(Data items)
━━━━━━

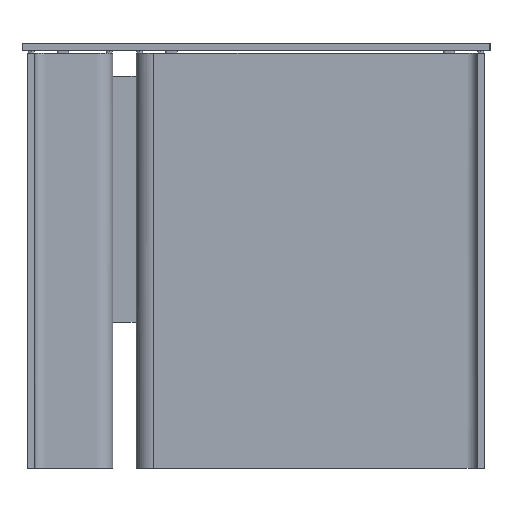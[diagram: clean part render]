
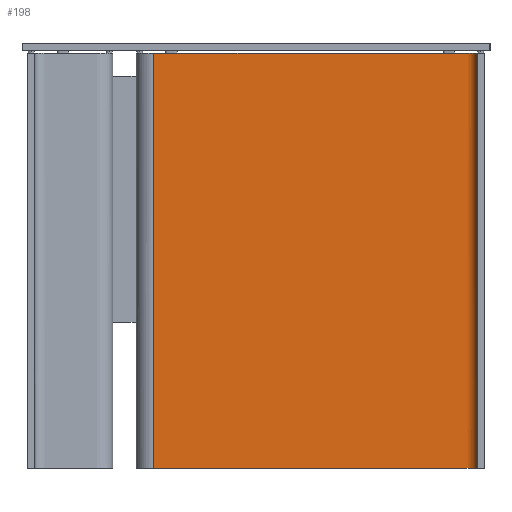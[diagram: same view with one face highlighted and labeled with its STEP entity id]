
A CAD part, left-side view. The second image highlights one B-rep face of the part: STEP entity #198.
In plain terms, the highlighted free-form (B-spline) face has degree [2, 1] with [7, 2] control points.
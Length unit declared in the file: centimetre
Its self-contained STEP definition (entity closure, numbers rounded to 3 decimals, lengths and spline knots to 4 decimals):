
#29=(
BOUNDED_SURFACE()
B_SPLINE_SURFACE(2,1,((#1857,#1858),(#1859,#1860),(#1861,#1862),(#1863,#1864),
(#1865,#1866),(#1867,#1868),(#1869,#1870)),.UNSPECIFIED.,.F.,.F.,.F.)
B_SPLINE_SURFACE_WITH_KNOTS((3,2,2,3),(2,2),(-56.5,-3.,-0.1726,
5.8274),(0.,71.),.UNSPECIFIED.)
GEOMETRIC_REPRESENTATION_ITEM()
RATIONAL_B_SPLINE_SURFACE(((1.,1.),(1.,1.),(1.,1.),(0.707,0.707),
(1.,1.),(1.,1.),(1.,1.)))
REPRESENTATION_ITEM($)
SURFACE()
);
#75=(
BOUNDED_CURVE()
B_SPLINE_CURVE(2,(#1793,#1794,#1795,#1796,#1797,#1798,#1799),.UNSPECIFIED.,
.F.,.F.)
B_SPLINE_CURVE_WITH_KNOTS((3,2,2,3),(-56.5,-3.,-0.1726,5.8274),
.UNSPECIFIED.)
CURVE()
GEOMETRIC_REPRESENTATION_ITEM()
RATIONAL_B_SPLINE_CURVE((1.,1.,1.,0.707,1.,1.,1.))
REPRESENTATION_ITEM($)
);
#79=(
BOUNDED_CURVE()
B_SPLINE_CURVE(2,(#1827,#1828,#1829,#1830,#1831,#1832,#1833),.UNSPECIFIED.,
.F.,.F.)
B_SPLINE_CURVE_WITH_KNOTS((3,2,2,3),(-5.8274,0.1726,
3.,56.5),.UNSPECIFIED.)
CURVE()
GEOMETRIC_REPRESENTATION_ITEM()
RATIONAL_B_SPLINE_CURVE((1.,1.,1.,0.707,1.,1.,1.))
REPRESENTATION_ITEM($)
);
#198=ADVANCED_FACE($,(#290),#29,.T.);
#290=FACE_OUTER_BOUND($,#382,.T.);
#382=EDGE_LOOP($,(#546,#547,#548,#549));
#546=ORIENTED_EDGE($,*,*,#823,.T.);
#547=ORIENTED_EDGE($,*,*,#819,.T.);
#548=ORIENTED_EDGE($,*,*,#813,.F.);
#549=ORIENTED_EDGE($,*,*,#812,.T.);
#812=EDGE_CURVE($,#968,#973,#75,.T.);
#813=EDGE_CURVE($,#968,#969,#1140,.T.);
#819=EDGE_CURVE($,#974,#969,#79,.T.);
#823=EDGE_CURVE($,#973,#974,#1145,.T.);
#968=VERTEX_POINT($,#1905);
#969=VERTEX_POINT($,#1906);
#973=VERTEX_POINT($,#1910);
#974=VERTEX_POINT($,#1911);
#1140=B_SPLINE_CURVE_WITH_KNOTS($,1,(#1800,#1801),.UNSPECIFIED.,.F.,.F.,
(2,2),(0.,71.),.UNSPECIFIED.);
#1145=B_SPLINE_CURVE_WITH_KNOTS($,1,(#1849,#1850),.UNSPECIFIED.,.F.,.F.,
(2,2),(0.,71.),.UNSPECIFIED.);
#1793=CARTESIAN_POINT($,(8.8,57.5,0.));
#1794=CARTESIAN_POINT($,(8.8,30.75,0.));
#1795=CARTESIAN_POINT($,(8.8,4.,0.));
#1796=CARTESIAN_POINT($,(8.8,2.2,0.));
#1797=CARTESIAN_POINT($,(7.,2.2,0.));
#1798=CARTESIAN_POINT($,(4.,2.2,0.));
#1799=CARTESIAN_POINT($,(1.,2.2,0.));
#1800=CARTESIAN_POINT($,(8.8,57.5,0.));
#1801=CARTESIAN_POINT($,(8.8,57.5,71.));
#1827=CARTESIAN_POINT($,(1.,2.2,71.));
#1828=CARTESIAN_POINT($,(4.,2.2,71.));
#1829=CARTESIAN_POINT($,(7.,2.2,71.));
#1830=CARTESIAN_POINT($,(8.8,2.2,71.));
#1831=CARTESIAN_POINT($,(8.8,4.,71.));
#1832=CARTESIAN_POINT($,(8.8,30.75,71.));
#1833=CARTESIAN_POINT($,(8.8,57.5,71.));
#1849=CARTESIAN_POINT($,(1.,2.2,0.));
#1850=CARTESIAN_POINT($,(1.,2.2,71.));
#1857=CARTESIAN_POINT($,(8.8,57.5,0.));
#1858=CARTESIAN_POINT($,(8.8,57.5,71.));
#1859=CARTESIAN_POINT($,(8.8,30.75,0.));
#1860=CARTESIAN_POINT($,(8.8,30.75,71.));
#1861=CARTESIAN_POINT($,(8.8,4.,0.));
#1862=CARTESIAN_POINT($,(8.8,4.,71.));
#1863=CARTESIAN_POINT($,(8.8,2.2,0.));
#1864=CARTESIAN_POINT($,(8.8,2.2,71.));
#1865=CARTESIAN_POINT($,(7.,2.2,0.));
#1866=CARTESIAN_POINT($,(7.,2.2,71.));
#1867=CARTESIAN_POINT($,(4.,2.2,0.));
#1868=CARTESIAN_POINT($,(4.,2.2,71.));
#1869=CARTESIAN_POINT($,(1.,2.2,0.));
#1870=CARTESIAN_POINT($,(1.,2.2,71.));
#1905=CARTESIAN_POINT($,(8.8,57.5,0.));
#1906=CARTESIAN_POINT($,(8.8,57.5,71.));
#1910=CARTESIAN_POINT($,(1.,2.2,0.));
#1911=CARTESIAN_POINT($,(1.,2.2,71.));

━━━━━━

- INSTRUCTIONS FOR THE TASK
Transcribe all of the records above character for character. Exclude the pictures.

- EXERCISE RESPONSE
[diagram: clean part render]
[diagram: same view with one face highlighted and labeled with its STEP entity id]
A CAD part, left-side view. The second image highlights one B-rep face of the part: STEP entity #198.
In plain terms, the highlighted free-form (B-spline) face has degree [2, 1] with [7, 2] control points.
Length unit declared in the file: centimetre
Its self-contained STEP definition (entity closure, numbers rounded to 3 decimals, lengths and spline knots to 4 decimals):
#29=(
BOUNDED_SURFACE()
B_SPLINE_SURFACE(2,1,((#1857,#1858),(#1859,#1860),(#1861,#1862),(#1863,#1864),
(#1865,#1866),(#1867,#1868),(#1869,#1870)),.UNSPECIFIED.,.F.,.F.,.F.)
B_SPLINE_SURFACE_WITH_KNOTS((3,2,2,3),(2,2),(-56.5,-3.,-0.1726,
5.8274),(0.,71.),.UNSPECIFIED.)
GEOMETRIC_REPRESENTATION_ITEM()
RATIONAL_B_SPLINE_SURFACE(((1.,1.),(1.,1.),(1.,1.),(0.707,0.707),
(1.,1.),(1.,1.),(1.,1.)))
REPRESENTATION_ITEM($)
SURFACE()
);
#75=(
BOUNDED_CURVE()
B_SPLINE_CURVE(2,(#1793,#1794,#1795,#1796,#1797,#1798,#1799),.UNSPECIFIED.,
.F.,.F.)
B_SPLINE_CURVE_WITH_KNOTS((3,2,2,3),(-56.5,-3.,-0.1726,5.8274),
.UNSPECIFIED.)
CURVE()
GEOMETRIC_REPRESENTATION_ITEM()
RATIONAL_B_SPLINE_CURVE((1.,1.,1.,0.707,1.,1.,1.))
REPRESENTATION_ITEM($)
);
#79=(
BOUNDED_CURVE()
B_SPLINE_CURVE(2,(#1827,#1828,#1829,#1830,#1831,#1832,#1833),.UNSPECIFIED.,
.F.,.F.)
B_SPLINE_CURVE_WITH_KNOTS((3,2,2,3),(-5.8274,0.1726,
3.,56.5),.UNSPECIFIED.)
CURVE()
GEOMETRIC_REPRESENTATION_ITEM()
RATIONAL_B_SPLINE_CURVE((1.,1.,1.,0.707,1.,1.,1.))
REPRESENTATION_ITEM($)
);
#198=ADVANCED_FACE($,(#290),#29,.T.);
#290=FACE_OUTER_BOUND($,#382,.T.);
#382=EDGE_LOOP($,(#546,#547,#548,#549));
#546=ORIENTED_EDGE($,*,*,#823,.T.);
#547=ORIENTED_EDGE($,*,*,#819,.T.);
#548=ORIENTED_EDGE($,*,*,#813,.F.);
#549=ORIENTED_EDGE($,*,*,#812,.T.);
#812=EDGE_CURVE($,#968,#973,#75,.T.);
#813=EDGE_CURVE($,#968,#969,#1140,.T.);
#819=EDGE_CURVE($,#974,#969,#79,.T.);
#823=EDGE_CURVE($,#973,#974,#1145,.T.);
#968=VERTEX_POINT($,#1905);
#969=VERTEX_POINT($,#1906);
#973=VERTEX_POINT($,#1910);
#974=VERTEX_POINT($,#1911);
#1140=B_SPLINE_CURVE_WITH_KNOTS($,1,(#1800,#1801),.UNSPECIFIED.,.F.,.F.,
(2,2),(0.,71.),.UNSPECIFIED.);
#1145=B_SPLINE_CURVE_WITH_KNOTS($,1,(#1849,#1850),.UNSPECIFIED.,.F.,.F.,
(2,2),(0.,71.),.UNSPECIFIED.);
#1793=CARTESIAN_POINT($,(8.8,57.5,0.));
#1794=CARTESIAN_POINT($,(8.8,30.75,0.));
#1795=CARTESIAN_POINT($,(8.8,4.,0.));
#1796=CARTESIAN_POINT($,(8.8,2.2,0.));
#1797=CARTESIAN_POINT($,(7.,2.2,0.));
#1798=CARTESIAN_POINT($,(4.,2.2,0.));
#1799=CARTESIAN_POINT($,(1.,2.2,0.));
#1800=CARTESIAN_POINT($,(8.8,57.5,0.));
#1801=CARTESIAN_POINT($,(8.8,57.5,71.));
#1827=CARTESIAN_POINT($,(1.,2.2,71.));
#1828=CARTESIAN_POINT($,(4.,2.2,71.));
#1829=CARTESIAN_POINT($,(7.,2.2,71.));
#1830=CARTESIAN_POINT($,(8.8,2.2,71.));
#1831=CARTESIAN_POINT($,(8.8,4.,71.));
#1832=CARTESIAN_POINT($,(8.8,30.75,71.));
#1833=CARTESIAN_POINT($,(8.8,57.5,71.));
#1849=CARTESIAN_POINT($,(1.,2.2,0.));
#1850=CARTESIAN_POINT($,(1.,2.2,71.));
#1857=CARTESIAN_POINT($,(8.8,57.5,0.));
#1858=CARTESIAN_POINT($,(8.8,57.5,71.));
#1859=CARTESIAN_POINT($,(8.8,30.75,0.));
#1860=CARTESIAN_POINT($,(8.8,30.75,71.));
#1861=CARTESIAN_POINT($,(8.8,4.,0.));
#1862=CARTESIAN_POINT($,(8.8,4.,71.));
#1863=CARTESIAN_POINT($,(8.8,2.2,0.));
#1864=CARTESIAN_POINT($,(8.8,2.2,71.));
#1865=CARTESIAN_POINT($,(7.,2.2,0.));
#1866=CARTESIAN_POINT($,(7.,2.2,71.));
#1867=CARTESIAN_POINT($,(4.,2.2,0.));
#1868=CARTESIAN_POINT($,(4.,2.2,71.));
#1869=CARTESIAN_POINT($,(1.,2.2,0.));
#1870=CARTESIAN_POINT($,(1.,2.2,71.));
#1905=CARTESIAN_POINT($,(8.8,57.5,0.));
#1906=CARTESIAN_POINT($,(8.8,57.5,71.));
#1910=CARTESIAN_POINT($,(1.,2.2,0.));
#1911=CARTESIAN_POINT($,(1.,2.2,71.));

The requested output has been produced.